The UNet is modified to take 3-channel images as input and return 2-channel images to predict the added noise on ab channels. Just note that during inference, grayscale images are utilized, having been converted to LAB rather than RGB.

def transform_stc(batch):
    tfms = transforms.Compose(
        [
            transforms.Resize((config.image_size, config.image_size)),
             transforms.ColorJitter(
              brightness=0.3, contrast=0.1, saturation=(1.0, 2.0), hue=0.05
            ),
            transforms.ToTensor(),
        ]
    )
    # train images 
    rgb_images = [
        tfms(I.fromarray(rgb2lab(image.convert("RGB")).astype(np.uint8)))
        for image in batch["image"]
    ]
    # eval / test images 
    gray_images = [
        tfms(I.fromarray(rgb2lab(image.convert("L").convert("RGB")).astype(np.uint8)))
        for image in batch["image"]
    ]
    return {"rgb": rgb_images, "gray": gray_images}

After some modifications to the 🤗 ddpm_pipeline.py function for evaluation, I got some convincing results.

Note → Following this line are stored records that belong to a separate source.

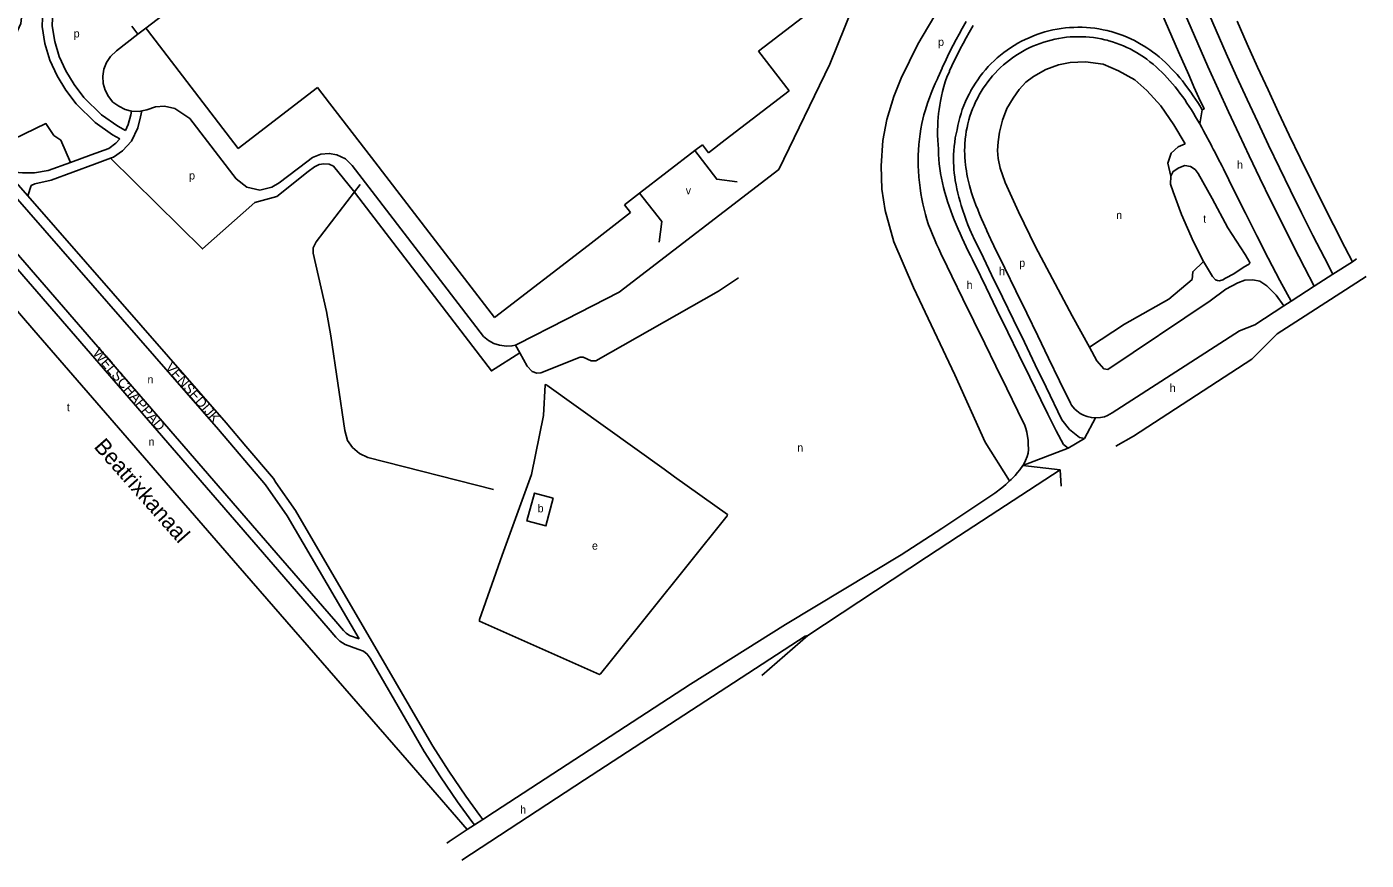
# Model space of a CAD drawing. Extents: x 155317 to 156514, y 385353 to 386894.
# Drawn here: x 155844 to 156514, y 385353 to 385769 of the extents above; entities that cross this region are included whole.
import ezdxf

# ---------------------------------------------------------------- set-up
doc = ezdxf.new("R2010")
doc.units = 0
for name, color, linetype in [('BLT_Basislijn', 7, 'Continuous'), ('BLT_Bebouwing', 7, 'Continuous'), ('BLT_Centroide', 7, 'Continuous'), ('BLT_Straatnaam', 7, 'Continuous'), ('BLT_Vlakafsluiter', 7, 'Continuous'), ('BLT_Waternaam_spoorwegen', 7, 'Continuous')]:
    doc.layers.add(name, color=color, linetype=linetype)

msp = doc.modelspace()

# ---------------------------------------------------------------- linework, layer by layer
at = {"layer": 'BLT_Basislijn'}
for p, q in [((155896.92, 385769.6), (155899.98, 385765.62)), ((155899.98, 385765.62), (155903.94, 385768.67)), ((155940.3, 385568.07), (155783.18, 385747.9)), ((155756.28, 385723.55), (155847.99, 385617.7)), ((155844.96, 385684.79), (155834.22, 385697.07)), ((156011.04, 385690.48), (156008.19, 385686.79)), ((155944.06, 385571.36), (155844.96, 385684.79)), ((156507.07, 385651.91), (156497.37, 385645.64)), ((156509.22, 385653.3), (156507.07, 385651.91)), ((156497.37, 385645.64), (156488.05, 385639.62)), ((156488.05, 385639.62), (156476.44, 385632.12)), ((155847.99, 385617.7), (155949.97, 385500)), ((156088.71, 385610.2), (156090.89, 385606.28)), ((156323.47, 385561.74), (156335.69, 385542.3)), ((156168.21, 385544.42), (156162.96, 385548.17))]:
    msp.add_line(p, q, dxfattribs=at)
for points in [[(156354.54, 385959.56), (156358.38, 385947.67), (156362.3, 385935.8), (156366.29, 385923.96), (156370.36, 385912.14), (156374.49, 385900.35), (156378.7, 385888.58), (156382.98, 385876.84), (156387.34, 385865.13), (156391.76, 385853.44), (156396.26, 385841.78), (156400.83, 385830.15), (156405.48, 385818.55), (156410.19, 385806.97), (156414.97, 385795.43), (156419.83, 385783.91), (156424.76, 385772.43), (156429.75, 385760.97), (156434.82, 385749.55), (156439.96, 385738.16), (156445.17, 385726.8), (156450.45, 385715.47)], [(156358.03, 385915.71), (156360.44, 385908.7), (156364.6, 385896.84), (156368.83, 385885.02), (156373.13, 385873.22), (156377.51, 385861.44), (156381.96, 385849.69), (156386.48, 385837.97), (156391.07, 385826.28), (156395.74, 385814.62), (156400.48, 385802.98), (156405.29, 385791.38), (156410.17, 385779.8), (156415.12, 385768.26), (156420.14, 385756.75), (156425.24, 385745.26), (156426.65, 385742.14), (156427.88, 385739.4), (156430.4, 385733.81), (156432.92, 385728.33), (156432.01, 385727.91)], [(156088.71, 385610.2), (156089.74, 385610.65), (156113.8, 385623.01), (156140.6, 385636.67), (156220.33, 385698.01), (156245.83, 385750.68), (156261.55, 385789.62), (156276.14, 385827.7), (156283.36, 385846.18)], [(156330.89, 385837.33), (156326.4, 385824.83), (156316.9, 385805.48), (156300.98, 385779.55), (156289.84, 385760.69), (156281.59, 385743.67), (156277.8, 385734.53), (156274.32, 385723.05), (156272.38, 385712.55), (156271.52, 385699.8), (156271.86, 385688.21), (156273.57, 385677.43), (156277.85, 385661.87), (156287.65, 385639.05), (156308.31, 385595.31), (156323.47, 385561.74)], [(155875.78, 385803.77), (155872.57, 385802.32), (155866, 385798.42), (155861.49, 385792.58), (155858.91, 385785.36), (155857.46, 385777.61), (155857.1, 385769.8), (155858.38, 385762.07), (155860.65, 385754.48), (155863.95, 385747.27), (155868.14, 385740.45), (155872.87, 385734.06), (155881.78, 385725.32), (155889.89, 385719.61), (155893.72, 385717.48)], [(155842.98, 385784.51), (155841.39, 385770.98), (155837.07, 385761.46), (155830.47, 385755.24), (155821.08, 385752.33), (155815.37, 385747.12), (155812.71, 385740.52), (155813.85, 385734.94), (155816.39, 385729.36), (155822.99, 385728.59), (155828.06, 385726.94), (155837.71, 385713.24), (155853.98, 385720.92), (155857.99, 385715.03), (155861.39, 385712.72), (155866.19, 385701.58)], [(155850.86, 385788.73), (155853.16, 385788.51), (155854.07, 385786.67), (155852.48, 385778.19), (155852.08, 385769.5), (155853.5, 385760.94), (155855.96, 385752.71), (155859.53, 385744.91), (155863.99, 385737.65), (155869.09, 385730.77), (155878.57, 385721.46), (155887.23, 385715.37), (155890.94, 385713.31)], [(156433.95, 385779.03), (156438.97, 385767.49), (156444.06, 385755.97), (156449.23, 385744.49), (156454.46, 385733.04), (156459.77, 385721.63), (156465.15, 385710.25), (156470.6, 385698.9), (156476.12, 385687.58), (156481.71, 385676.3), (156487.38, 385665.06), (156493.11, 385653.85), (156497.37, 385645.64)], [(156343.32, 385570.03), (156339.78, 385577.26), (156334.29, 385588.49), (156328.81, 385599.72), (156323.32, 385610.95), (156317.83, 385622.18), (156312.34, 385633.41), (156306.85, 385644.64), (156306.6, 385645.14), (156305.55, 385647.29), (156304.5, 385649.45), (156303.44, 385651.63), (156302.39, 385653.83), (156301.35, 385656.04), (156300.27, 385658.38), (156299.2, 385660.74), (156298.15, 385663.12), (156297.12, 385665.52), (156296.12, 385667.95), (156295.15, 385670.41), (156294.96, 385670.91), (156294.37, 385672.96), (156293.67, 385675.54), (156293.02, 385678.14), (156292.69, 385679.51), (156292.41, 385680.77), (156291.87, 385683.41), (156291.38, 385686.08), (156290.96, 385688.76), (156290.61, 385691.46), (156290.33, 385694.17), (156290.3, 385694.45), (156290.11, 385697.12), (156290, 385699.78), (156289.97, 385702.44), (156290.01, 385705.09), (156290.13, 385707.74), (156290.33, 385710.43), (156290.61, 385713.11), (156290.97, 385715.77), (156291.41, 385718.41), (156291.92, 385721.03), (156292.4, 385723.17), (156292.92, 385725.28), (156293.5, 385727.38), (156294.13, 385729.46), (156294.84, 385731.63), (156295.6, 385733.76), (156296.54, 385736.21), (156297.54, 385738.62), (156298.59, 385740.99), (156299.7, 385743.34), (156299.92, 385743.8), (156300.69, 385745.71), (156301.94, 385748.66), (156302.07, 385748.96), (156303.26, 385751.58), (156304.62, 385754.46), (156306.04, 385757.31), (156307.49, 385760.14), (156308.98, 385762.93), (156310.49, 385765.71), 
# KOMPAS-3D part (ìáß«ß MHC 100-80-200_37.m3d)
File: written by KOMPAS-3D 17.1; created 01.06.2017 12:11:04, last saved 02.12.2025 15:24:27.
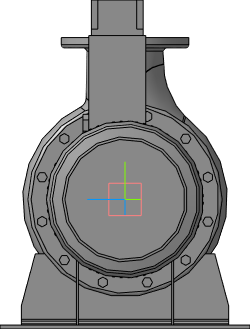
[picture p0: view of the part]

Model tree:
1. Операция без истории:2

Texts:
  ООО АДЛ ГРУПП
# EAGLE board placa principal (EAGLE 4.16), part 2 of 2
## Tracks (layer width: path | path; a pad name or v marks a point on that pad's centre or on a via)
A0
  Bottom 0.305: 18-A0.1 45.71,10.27 arc45 45.34,11.17 39.1,17.41 arc-45 38.73,18.31 38.73,22.23 33.84,38.13 arc73 U2.2 RN3.2
A1
  Top 0.305: U2.17 37.99,33.66 arc-45 37.09,34.03 36.56,34.55 arc45 35.66,34.92 32.27,34.92 arc-45 31.37,35.3 RN3.3
  Bottom 0.305: 17-A1.1 44.82,3.44 arc-45 44.45,4.34 44.45,10.27 arc45 44.07,11.17 38.47,16.77 arc-45 38.09,17.67 38.09,21.91 34.25,34.04 arc72 33.04,34.92 32.27,34.92 arc-45 31.37,35.3 RN3.3
A1''
  Top 0.305: U8.4 131.55,48.26 arc-45 132.45,47.89 133.34,46.99 139.06,46.99 139.32,47.25 arc-45 140.22,47.62 144.78,47.62 X1.23
A2
  Bottom 0.305: 16-A2.1 43.17,10.27 arc45 42.8,11.17 37.83,16.14 arc-45 37.46,17.04 37.46,21.27 33.84,33.05 arc73 U2.4 RN3.4
A3
  Top 0.305: U2.15 37.99,28.57 arc-45 37.09,28.95 36.56,29.47 arc45 35.66,29.84 32.27,29.84 arc-45 31.37,30.22 RN3.5
  Bottom 0.305: 15-A3.1 42.28,3.44 arc-45 41.9,4.34 41.9,10.27 arc45 41.53,11.17 37.2,15.5 arc-45 36.82,16.4 36.82,20.45 arc17 36.77,20.82 34.24,28.95 arc73 33.03,29.84 32.27,29.84 arc-45 31.37,30.22 RN3.5
A4
  Bottom 0.305: 14-A4.1 40.63,10.27 arc45 40.26,11.17 36.56,14.87 arc-45 36.19,15.77 36.19,20.13 arc17 36.13,20.5 33.65,28.57 U2.6 RN3.6
A5
  Top 0.305: RN3.7 31.37,25.14 arc45 32.27,24.77 35.66,24.77 arc-45 36.56,24.39 37.09,23.87 arc45 37.99,23.5 U2.13
  Bottom 0.305: 13-A5.1 39.74,3.44 arc-45 39.36,4.34 39.36,10.27 arc45 38.99,11.17 35.93,14.23 arc-45 35.55,15.13 35.55,19.8 arc18 35.49,20.2 34.26,23.9 arc72 33.05,24.77 32.27,24.77 arc-45 31.37,25.14 RN3.7
A6
  Bottom 0.305: 12-A6.1 38.09,10.27 arc45 37.72,11.17 35.29,13.6 arc-45 34.92,14.5 34.92,19.18 arc17 34.86,19.55 33.84,22.89 arc73 U2.8 RN3.8
A7
  Top 0.305: U2.11 37.99,18.41 arc-45 37.09,18.79 36.56,19.31 arc45 35.66,19.68 32.27,19.68 arc-45 31.37,20.06 RN3.9
  Bottom 0.305: 11-A7.1 37.2,3.44 arc-45 36.82,4.34 36.82,10.27 arc45 36.45,11.17 32.12,15.5 arc-45 31.75,16.4 31.75,19.16 arc45 31.37,20.06 RN3.9
A8
  Bottom 0.305: 10-A8.1 35.55,9.63 arc45 35.18,10.53 30.21,15.5 arc45 29.31,15.88 26.56,15.88 arc-45 25.66,16.25 23.86,18.04 arc-45 23.49,18.94 23.49,22.03 arc17 23.43,22.41 18.41,38.73 U1.2 RN1.2
A9
  Top 0.305: RN1.3 16.13,35.3 arc45 17.03,34.92 19.79,34.92 arc-45 20.69,34.55 21.21,34.03 arc45 22.11,33.66 U1.17
  Bottom 0.305: RN1.3 16.13,35.3 arc45 17.03,34.92 17.8,34.92 arc-72 19.01,34.04 22.86,21.91 22.86,18.31 arc45 23.23,17.41 25.02,15.61 arc45 25.92,15.24 28.68,15.24 arc-45 29.58,14.87 33.91,10.53 arc-45 34.28,9.63 34.28,4.34 arc45 34.66,3.44 9-A9.1
A10
  Bottom 0.305: 8-A10.1 33.02,9.63 arc45 32.64,10.53 28.94,14.23 arc45 28.04,14.61 25.29,14.61 arc-45 24.39,14.98 22.59,16.77 arc-45 22.22,17.67 22.22,21.27 18.6,33.05 arc73 U1.4 RN1.4
A11
  Top 0.305: RN1.5 16.13,30.22 arc45 17.03,29.84 20.42,29.84 arc-45 21.32,29.47 21.85,28.95 arc45 22.75,28.57 U1.15
  Bottom 0.305: RN1.5 16.13,30.22 arc45 17.03,29.84 17.79,29.84 arc-73 19.01,28.95 21.59,20.64 21.59,17.04 arc45 21.96,16.14 23.75,14.34 arc45 24.65,13.97 27.41,13.97 arc-45 28.31,13.6 31.37,10.53 arc-45 31.75,9.63 31.75,4.34 arc45 32.12,3.44 7-A11.1
A12
  Bottom 0.305: 6-A12.1 30.48,9.63 arc45 30.1,10.53 27.67,12.96 arc45 26.77,13.34 24.02,13.34 arc-45 23.12,13.71 21.32,15.5 arc-45 20.95,16.4 20.95,20.32 18.6,27.97 arc73 U1.6 RN1.6
A13
  Top 0.305: RN1.7 16.13,25.14 arc45 17.03,24.77 19.79,24.77 arc-45 20.69,24.39 21.21,23.87 arc45 22.11,23.5 U1.13
  Bottom 0.305: RN1.7 16.13,25.14 arc45 17.03,24.77 17.81,24.77 arc-72 19.02,23.9 20.32,20 20.32,15.77 arc45 20.69,14.87 22.48,13.07 arc45 23.38,12.7 26.14,12.7 arc-45 27.04,12.33 28.83,10.53 arc-45 29.21,9.63 29.21,4.34 arc45 29.58,3.44 5-A13.1
A14
  Bottom 0.305: 4-A14.1 27.94,9.63 arc45 27.56,10.53 26.4,11.69 arc45 25.5,12.06 22.75,12.06 arc-45 21.85,12.44 20.05,14.23 arc-45 19.68,15.13 19.68,19.37 18.6,22.89 arc73 U1.8 RN1.8
A15
  Top 0.305: RN1.9 16.13,20.06 arc45 17.03,19.68 20.42,19.68 arc-45 21.32,19.31 21.85,18.79 arc45 22.75,18.41 U1.11
  Bottom 0.305: RN1.9 16.13,20.06 arc-45 16.51,19.16 16.51,17.04 arc45 16.88,16.14 21.21,11.8 arc45 22.11,11.43 24.87,11.43 arc-45 25.77,11.06 26.29,10.53 arc-45 26.67,9.63 26.67,4.34 arc45 27.04,3.44 3-A15.1
A'0  (via drill 0.8)
  Top 0.254: 112.39,52.39 131.44,52.39
  Top 0.305: U2.18 RN4.2 | U12.10 111.76,76.2 110.86,75.3 arc-45 109.96,74.93 109.74,74.93 arc45 108.84,74.56 107.68,73.4 arc-45 106.78,73.03 50.69,73.03 arc-45 49.79,73.4 v46.98,76.2 | 131.44,52.39 131.7,52.12 arc-45 132.08,51.23 132.08,50.06 arc45 132.45,49.16 132.97,48.63 arc45 133.87,48.26 U8.11 | v111.12,53.34 arc-45 111.66,53.12 112.39,52.39
  Bottom 0.305: RN4.2 44.07,39.63 arc45 44.45,40.53 44.45,50.91 arc-45 44.82,51.81 45.34,52.33 arc45 45.71,53.23 45.71,63.61 arc-45 46.09,64.51 46.61,65.03 arc45 46.98,65.93 v46.98,76.2 46.98,80.64 | v111.12,53.34 111.38,53.6 arc45 111.76,54.5 111.76,55.99 arc-45 112.13,56.89 112.65,57.41 arc45 113.03,58.31 113.03,74.4 arc45 112.65,75.3 112.13,75.83 arc-45 111.76,76.73 U12.10
  Bottom 1.27: 46.98,80.64 46.98,87.63
A'1  (via drill 0.8)
  Top 0.254: 117.79,49.85 124.77,49.85
  Top 0.305: U2.3 35.98,36.2 arc-45 36.88,35.82 37.4,35.3 arc45 38.3,34.92 41.38,34.92 arc45 42.28,35.3 RN4.3 | 46.98,80.64 46.98,80.01 v45.71,78.74 45.71,76.09 arc45 46.09,75.19 48.52,72.76 arc45 49.42,72.39 107.42,72.39 arc45 108.32,72.76 109.48,73.92 arc-45 110.38,74.3 111.86,74.3 arc45 112.76,74.67 114.3,76.2 U12.9 | 124.77,49.85 125.35,50.43 arc-45 126.25,50.8 U8.3 | v116.84,50.8 117.79,49.85
  Top 1.27: 46.98,80.64 46.98,87.63
  Bottom 0.305: RN4.3 43.07,36.2 arc-45 42.17,36.57 arc-45 41.9,37.2 41.9,50.27 arc-45 42.28,51.17 44.71,53.6 arc45 45.08,54.5 45.08,64.24 arc-45 45.45,65.14 arc45 45.71,65.78 v45.71,78.74 | U12.9 114.3,76.73 arc45 114.67,75.83 115.19,75.3 arc-45 115.56,74.4 115.56,52.6 arc45 115.94,51.7 v116.84,50.8
A'2  (via drill 0.8)
  Top 0.305: U2.16 RN4.4 | U12.8 116.84,76.2 113.4,72.76 arc-45 112.5,72.39 v109.85,72.39 109.59,72.13 arc-45 108.69,71.75 48.15,71.75 arc-45 47.25,72.13 44.82,74.56 arc-45 44.45,75.46 v44.45,76.2
  Bottom 0.305: RN4.4 42.54,33.66 41.64,34.55 arc45 40.74,34.92 40.6,34.92 arc-72 39.39,35.79 39.36,35.88 39.36,49.64 arc-45 39.74,50.54 44.07,54.87 arc45 44.45,55.77 v44.45,76.2 44.45,81.28 | U10.1 100.7,56.78 arc-45 100.33,57.68 100.33,62.34 arc-45 100.7,63.24 v109.85,72.39
  Bottom 1.27: 44.45,80.64 44.45,81.28 44.45,87.63
A'3  (via drill 0.8)
  Top 0.305: RN4.5 41.9,29.84 37.99,29.84 arc-45 37.09,30.22 36.56,30.74 arc45 35.66,31.11 U2.5 | 44.45,80.64 44.45,80.01 v43.17,78.74 43.17,75.46 arc45 43.55,74.56 46.61,71.49 arc45 47.51,71.12 113.77,71.12 arc45 114.67,71.49 119.38,76.2 U12.7
  Top 1.27: 44.45,80.64 44.45,87.63
  Bottom 0.305: v43.17,78.74 43.17,56.41 arc-45 42.8,55.51 37.83,50.54 arc45 37.46,49.64 37.46,39.37 39.4,33.27 arc72 40.61,32.38 40.74,32.38 arc-45 41.64,32.01 42.54,31.11 RN4.5 | U9.4 116.63,48.26 arc45 117.52,48.63 117.73,48.84 arc45 118.11,49.74 118.11,74.4 arc-45 118.48,75.3 119,75.83 arc45 119.38,76.73 U12.7
A'4  (via drill 0.8)
  Top 0.305: U2.14 RN4.6 | U12.6 121.92,76.2 116.57,70.86 arc-45 115.67,70.48 46.88,70.48 arc-45 45.98,70.86 42.28,74.56 arc-45 41.9,75.46 v41.9,76.2
  Bottom 0.305: RN4.6 42.54,28.57 41.64,29.47 arc45 40.74,29.84 40.61,29.84 arc-72 39.4,30.73 36.82,38.73 36.82,50.91 arc-45 37.2,51.81 41.53,56.14 arc45 41.9,57.04 v41.9,76.2 41.9,80.64 | U9.5 117.58,45.72 arc45 118.48,46.09 arc45 118.74,46.73 118.74,57.89 arc-45 119.11,58.79 120.65,60.33 120.65,74.4 arc-45 121.02,75.3 121.54,75.83 arc45 121.92,76.73 U12.6
  Bottom 1.27: 41.9,80.64 41.9,87.63
A'5  (via drill 0.8)
  Top 0.254: 112.07,54.29 107.95,54.29
  Top 0.305: RN4.7 42.54,26.04 41.27,24.77 37.99,24.77 arc-45 37.09,25.14 36.56,25.66 arc45 35.66,26.04 U2.7 | 41.9,80.64 41.9,80.01 v40.63,78.74 40.63,75.46 arc45 41.01,74.56 45.34,70.22 arc45 46.24,69.85 117.58,69.85 arc45 118.48,70.22 124.45,76.2 U12.5 | 107.95,54.29 107.37,53.71 arc-45 106.47,53.34 U10.2 | 112.07,54.29 arc-45 112.84,54.61 127.89,54.61 arc45 128.53,54.87 arc45 128.9,55.77 v128.9,55.88
  Top 1.27: 41.9,80.64 41.9,87.63
  Bottom 0.305: v40.63,78.74 40.63,57.68 arc-45 40.26,56.78 36.56,53.08 arc45 36.19,52.18 36.19,38.1 39.4,28.18 arc72 40.61,27.3 40.74,27.3 arc-45 41.64,26.93 42.54,26.04 RN4.7 | U12.5 125.35,75.94 arc-45 125.73,75.04 125.73,60.22 arc45 126.1,59.32 128.9,56.52 v128.9,55.88
A'6  (via drill 0.8)
  Top 0.254: 125.41,49.21 115.56,49.21 | 114.93,49.85 105.72,49.85
  Top 0.305: U2.12 RN4.8 | U12.4 127,76.2 120.38,69.59 arc-45 119.48,69.22 45.61,69.22 arc-45 44.71,69.59 39.74,74.56 arc-45 39.36,75.46 v39.36,76.2 | 105.72,49.85 105.14,50.43 arc45 104.24,50.8 U10.3 | v129.53,49.53 126.17,49.53 arc45 125.41,49.21 | 115.56,49.21 114.93,49.85
  Bottom 0.305: 39.36,80.64 v39.36,76.2 39.36,58.31 arc-45 38.99,57.41 35.93,54.35 arc45 35.55,53.45 35.55,37.15 39.39,25.63 arc72 40.6,24.77 40.74,24.77 arc-45 41.64,24.39 42.54,23.5 RN4.8 | U12.4 127.89,75.94 arc-45 128.27,75.04 128.27,58.95 arc45 128.64,58.05 129.8,56.89 arc-45 130.17,55.99 130.17,55.77 arc-45 129.8,54.87 129.53,54.61 v129.53,49.53
  Bottom 1.27: 39.36,80.64 39.36,87.63
A'7  (via drill 0.8)
  Top 0.305: RN4.9 42.28,20.06 arc-45 41.38,19.68 37.99,19.68 arc-45 37.09,20.06 36.56,20.58 arc45 35.66,20.95 U2.9 | 39.36,80.64 39.36,80.01 v38.09,78.74 38.09,75.46 arc45 38.47,74.56 44.07,68.95 arc45 44.97,68.58 121.39,68.58 arc45 122.29,68.95 129.53,76.2 U12.3 | v34.92,55.24 38.2,55.24 arc-45 39.1,54.87 44.07,49.9 arc45 44.97,49.53 77.57,49.53 arc-45 78.47,49.16 86.62,41.01 arc45 87.52,40.64 U11.9
  Top 1.27: 39.36,80.64 39.36,87.63
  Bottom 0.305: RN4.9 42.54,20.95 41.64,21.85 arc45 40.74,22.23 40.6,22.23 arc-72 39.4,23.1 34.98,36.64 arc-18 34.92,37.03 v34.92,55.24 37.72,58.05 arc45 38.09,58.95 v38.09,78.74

These are not as vibrant as the training dataset. Maybe running more iterations might have improved the results. I stopped training after 60 epochs. The conversion from LAB to RGB drove me crazy during the inference. I thought the training had collapsed. I was getting too bright images with no proper colors. Turns out that the range requirements for conversion from LAB to RGB were wrong.

There are still some improvements to be made. Till then enjoy.

This was supposed to be the first part of the blog. But nothing had worked at the time. The initial dataset was scraped from the internet stock images, but due to model size and other constraints, I ended up using these pixelated images. I thought of dropping the project plenty of times. But here we are😉.